Occupational exposure and ventilation requirements. Regulatory exposure limits (OSHA PELs, ACGIH TLVs) are expressed as ppm or mg/m3 at specific reference conditions, typically 20°C or 25°C. Converting field measurements taken at different temperatures to the regulatory reference temperature requires the same Charles's law correction applied here.
Fire and hazmat planning. When a liquefied gas (LNG, propane, ammonia) releases and vaporizes at ambient temperature, the resulting gas volume can be estimated by combining phase-change calculations with temperature correction. Liquid nitrogen vaporizing at 20°C produces approximately 694 liters of gas per liter of liquid, a ratio driven primarily by the density difference between liquid and gas phases at 20°C, not Charles's law alone.
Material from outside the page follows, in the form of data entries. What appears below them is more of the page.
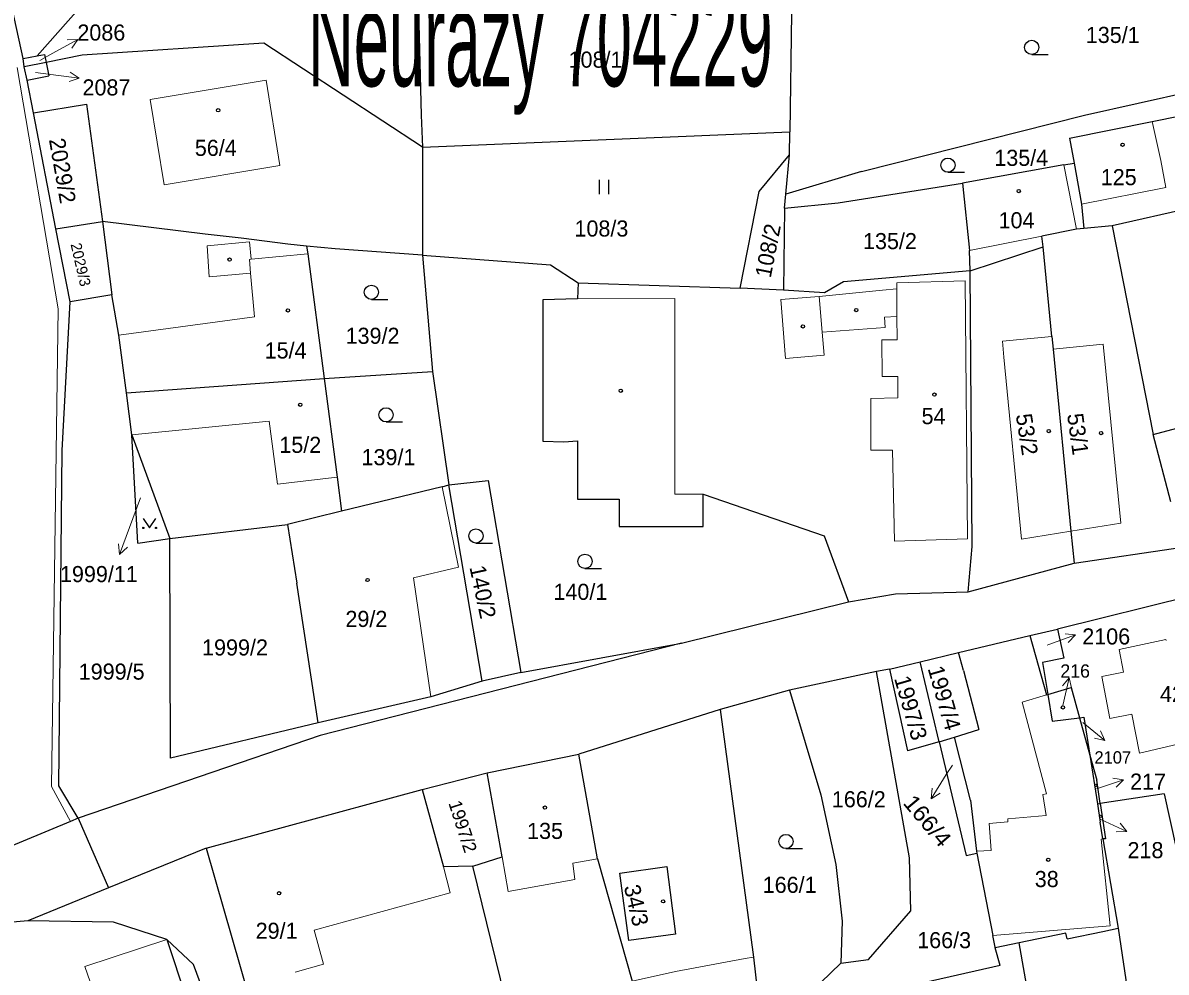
# Model space of a CAD drawing. Extents: x -820420 to -815896, y -1105820 to -1103643.
# Drawn here: x -817654.9 to -817534.2, y -1104919.6 to -1104819.4 of the extents above; entities that cross this region are included whole.
import ezdxf
from ezdxf.enums import TextEntityAlignment as Align

# ---------------------------------------------------------------- set-up
doc = ezdxf.new("R2010")
doc.units = 0
doc.header["$LTSCALE"] = 0.68
for name, color, linetype, lineweight in [('1', 7, 'Continuous', 25), ('3', 7, 'Continuous', 25), ('4', 7, 'Continuous', 13), ('5', 7, 'Continuous', 25), ('7', 7, 'Continuous', 13)]:
    doc.layers.add(name, color=color, linetype=linetype, lineweight=lineweight)
doc.layers.add('2', color=7, linetype='Continuous')

msp = doc.modelspace()

# ---------------------------------------------------------------- linework, layer by layer
at = {"layer": '1'}
for p, q in [((-817654.9, -1104823.17), (-817658.74, -1104805.43)), ((-817653.43, -1104822.89), (-817640.64, -1104808.45)), ((-817613.34, -1104810.6), (-817612.89, -1104829.14)), ((-817573.78, -1104818.38), (-817573.97, -1104830.9)), ((-817629.5, -1104821.54), (-817648.67, -1104822.8)), ((-817612.76, -1104832.53), (-817629.5, -1104821.54)), ((-817654.9, -1104823.17), (-817653.43, -1104822.89)), ((-817654.78, -1104824.05), (-817654.9, -1104823.17)), ((-817653.43, -1104822.89), (-817652.64, -1104822.74)), ((-817652.64, -1104822.74), (-817652.48, -1104823.58)), ((-817648.67, -1104822.8), (-817652.48, -1104823.58)), ((-817542.88, -1104829.13), (-817516.28, -1104823.19)), ((-817652.48, -1104823.58), (-817654.78, -1104824.05)), ((-817654.47, -1104825.45), (-817654.78, -1104824.05)), ((-817652.48, -1104823.58), (-817652.19, -1104824.98)), ((-817654.47, -1104825.45), (-817652.19, -1104824.98)), ((-817653.82, -1104828.9), (-817654.47, -1104825.45)), ((-817653.82, -1104828.9), (-817648.21, -1104827.97)), ((-817648.21, -1104827.97), (-817646.54, -1104840.38)), ((-817651.45, -1104841.15), (-817653.82, -1104828.9)), ((-817612.89, -1104829.14), (-817612.76, -1104832.53)), ((-817566.42, -1104835.1), (-817542.88, -1104829.13)), ((-817535.71, -1104829.81), (-817532.77, -1104829.22)), ((-817544.44, -1104831.56), (-817535.71, -1104829.81)), ((-817612.76, -1104832.53), (-817573.97, -1104830.9)), ((-817574.01, -1104833.33), (-817573.97, -1104830.9)), ((-817544.44, -1104831.56), (-817543.97, -1104834.2)), ((-817612.76, -1104832.53), (-817612.75, -1104843.92)), ((-817577.19, -1104837.21), (-817574.01, -1104833.33)), ((-817574.4, -1104837.48), (-817574.01, -1104833.33)), ((-817566.42, -1104835.1), (-817574.4, -1104837.48)), ((-817545.03, -1104834.37), (-817555.75, -1104836.32)), ((-817545.03, -1104834.37), (-817543.97, -1104834.2)), ((-817543.97, -1104834.2), (-817543.19, -1104838.54)), ((-817568.85, -1104838.39), (-817555.75, -1104836.32)), ((-817555.75, -1104836.32), (-817555.02, -1104843.43)), ((-817574.54, -1104838.95), (-817574.4, -1104837.48)), ((-817574.54, -1104838.95), (-817574.65, -1104847.61)), ((-817574.54, -1104838.95), (-817568.85, -1104838.39)), ((-817543.19, -1104838.54), (-817542.92, -1104841.11)), ((-817530.88, -1104838.78), (-817539.93, -1104840.84)), ((-817651.45, -1104841.15), (-817646.54, -1104840.38)), ((-817649.93, -1104848.83), (-817651.45, -1104841.15)), ((-817646.54, -1104840.38), (-817645.55, -1104848.1)), ((-817635.7, -1104841.71), (-817646.54, -1104840.38)), ((-817543.7, -1104841.18), (-817547.36, -1104841.9)), ((-817542.92, -1104841.11), (-817543.7, -1104841.18)), ((-817539.93, -1104840.84), (-817542.92, -1104841.11)), ((-817539.93, -1104840.84), (-817535.62, -1104862.85)), ((-817631.9, -1104842.12), (-817635.7, -1104841.71)), ((-817626.97, -1104842.77), (-817631.9, -1104842.12)), ((-817547.21, -1104843.03), (-817547.36, -1104841.9)), ((-817624.99, -1104842.97), (-817626.97, -1104842.77)), ((-817624.99, -1104842.97), (-817624.86, -1104843.79)), ((-817621.97, -1104843.25), (-817624.99, -1104842.97)), ((-817624.86, -1104843.79), (-817623.13, -1104856.95)), ((-817612.75, -1104843.92), (-817621.97, -1104843.25)), ((-817554.94, -1104845.57), (-817555.02, -1104843.43)), ((-817554.94, -1104845.57), (-817547.21, -1104843.03)), ((-817546.3, -1104852.5), (-817547.21, -1104843.03)), ((-817612.75, -1104843.92), (-817599.23, -1104844.93)), ((-817612.75, -1104843.92), (-817611.69, -1104856.18)), ((-817599.23, -1104844.93), (-817596.33, -1104846.83)), ((-817554.94, -1104845.57), (-817568.31, -1104846.74)), ((-817554.73, -1104874.66), (-817554.94, -1104845.57)), ((-817596.33, -1104846.83), (-817596.38, -1104848.54)), ((-817596.33, -1104846.83), (-817579.2, -1104847.41)), ((-817568.31, -1104846.74), (-817570.32, -1104847.88)), ((-817645.55, -1104848.1), (-817649.93, -1104848.83)), ((-817644.79, -1104852.37), (-817645.55, -1104848.1)), ((-817596.38, -1104848.54), (-817600.05, -1104848.64)), ((-817600.05, -1104848.64), (-817600.03, -1104863.53)), ((-817570.32, -1104847.88), (-817574.65, -1104847.61)), ((-817650.79, -1104864.54), (-817649.93, -1104848.83)), ((-817643.99, -1104858.45), (-817644.79, -1104852.37)), ((-817546.3, -1104852.5), (-817546.17, -1104853.85)), ((-817546.17, -1104853.85), (-817544.31, -1104873.05)), ((-817535.62, -1104862.85), (-817509.39, -1104855.82)), ((-817643.99, -1104858.45), (-817623.13, -1104856.95)), ((-817623.13, -1104856.95), (-817611.69, -1104856.18)), ((-817623.13, -1104856.95), (-817621.77, -1104867.34)), ((-817611.69, -1104856.18), (-817609.98, -1104868.15)), ((-817643.43, -1104862.87), (-817643.99, -1104858.45)), ((-817642.8, -1104874.31), (-817643.43, -1104862.87)), ((-817643.43, -1104862.87), (-817639.42, -1104873.82)), ((-817533.76, -1104869.95), (-817535.62, -1104862.85)), ((-817600.03, -1104863.53), (-817597.84, -1104863.63)), ((-817597.84, -1104863.63), (-817596.37, -1104863.51)), ((-817596.37, -1104863.51), (-817596.37, -1104869.66)), ((-817651.15, -1104899.91), (-817650.79, -1104864.54)), ((-817621.77, -1104867.34), (-817621.3, -1104870.93)), ((-817609.98, -1104868.15), (-817605.81, -1104867.7)), ((-817605.81, -1104867.7), (-817602.36, -1104887.97)), ((-817610.68, -1104868.37), (-817621.3, -1104870.93)), ((-817610.68, -1104868.37), (-817609.98, -1104868.15)), ((-817606.45, -1104888.88), (-817609.98, -1104868.15)), ((-817583.12, -1104869.15), (-817570.34, -1104873.54)), ((-817583.12, -1104872.54), (-817583.12, -1104869.15)), ((-817596.37, -1104869.66), (-817591.99, -1104869.66)), ((-817591.99, -1104869.66), (-817591.99, -1104872.55)), ((-817621.3, -1104870.93), (-817627, -1104872.33)), ((-817591.99, -1104872.55), (-817583.12, -1104872.54)), ((-817642.8, -1104874.31), (-817639.42, -1104873.82)), ((-817639.36, -1104897), (-817639.42, -1104873.82)), ((-817570.34, -1104873.54), (-817567.78, -1104880.49)), ((-817544.31, -1104873.05), (-817543.97, -1104876.41)), ((-817555.13, -1104879.43), (-817554.73, -1104874.66)), ((-817543.97, -1104876.41), (-817532.5, -1104874.73)), ((-817555.13, -1104879.43), (-817543.97, -1104876.41)), ((-817623.76, -1104893.26), (-817626.03, -1104878.52)), ((-817530.11, -1104879.52), (-817545.73, -1104883.38)), ((-817585.42, -1104884.86), (-817567.78, -1104880.49)), ((-817585.42, -1104884.86), (-817623.55, -1104894.62)), ((-817602.36, -1104887.97), (-817585.42, -1104884.86)), ((-817556.17, -1104885.85), (-817548.63, -1104884.07)), ((-817548.63, -1104884.07), (-817546.87, -1104890.32)), ((-817560.22, -1104886.83), (-817556.17, -1104885.85)), ((-817555.65, -1104887.76), (-817556.17, -1104885.85)), ((-817563.45, -1104887.61), (-817560.22, -1104886.83)), ((-817558.21, -1104895.27), (-817560.22, -1104886.83)), ((-817545.05, -1104886.46), (-817547.28, -1104886.9)), ((-817547.28, -1104886.9), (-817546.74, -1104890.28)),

However, if that vapor is subsequently heated by contact with warm surfaces during a spill, the Charles's law multiplier further increases the affected volume.
When Charles's Law Is Accurate and When It Is Not
Charles's law gives results within 1% of measured values for most common gases (air, nitrogen, oxygen, hydrogen, helium, methane) at temperatures well above their boiling points and at pressures below about 10 atm. Accuracy degrades under three conditions.
High pressure. At elevated pressures, intermolecular repulsion causes real gas volumes to exceed ideal predictions (compressibility factor Z greater than 1). Nitrogen at 200 atm and 20°C has Z approximately 1.07, meaning the actual volume is 7% larger than the ideal gas equation predicts. For gases where Z departs significantly from 1.0, corrections using the van der Waals equation or Peng-Robinson equation of state are necessary.
Near the critical point or saturation curve. Carbon dioxide has a critical temperature of 31.1°C and a critical pressure of 73.8 atm. Near these conditions, CO2 behavior departs sharply from ideal. Steam at conditions used in power generation (above 100 atm and 300°C to 600°C) requires steam tables, not Charles's law, for accurate volume calculations.
Polar and associating vapors at moderate conditions. Water vapor, ammonia, and hydrogen fluoride exhibit significant intermolecular hydrogen bonding that reduces their effective volume relative to ideal predictions at temperatures closer to their boiling points. For engineering calculations involving these substances at low temperatures or high concentrations, real-gas equations of state should be used.
For common gases in the temperature range 0°C to 200°C at pressures below 5 atm, Charles's law applied through this calculator provides engineering-grade accuracy suitable for ventilation, flow balancing, and volume correction calculations.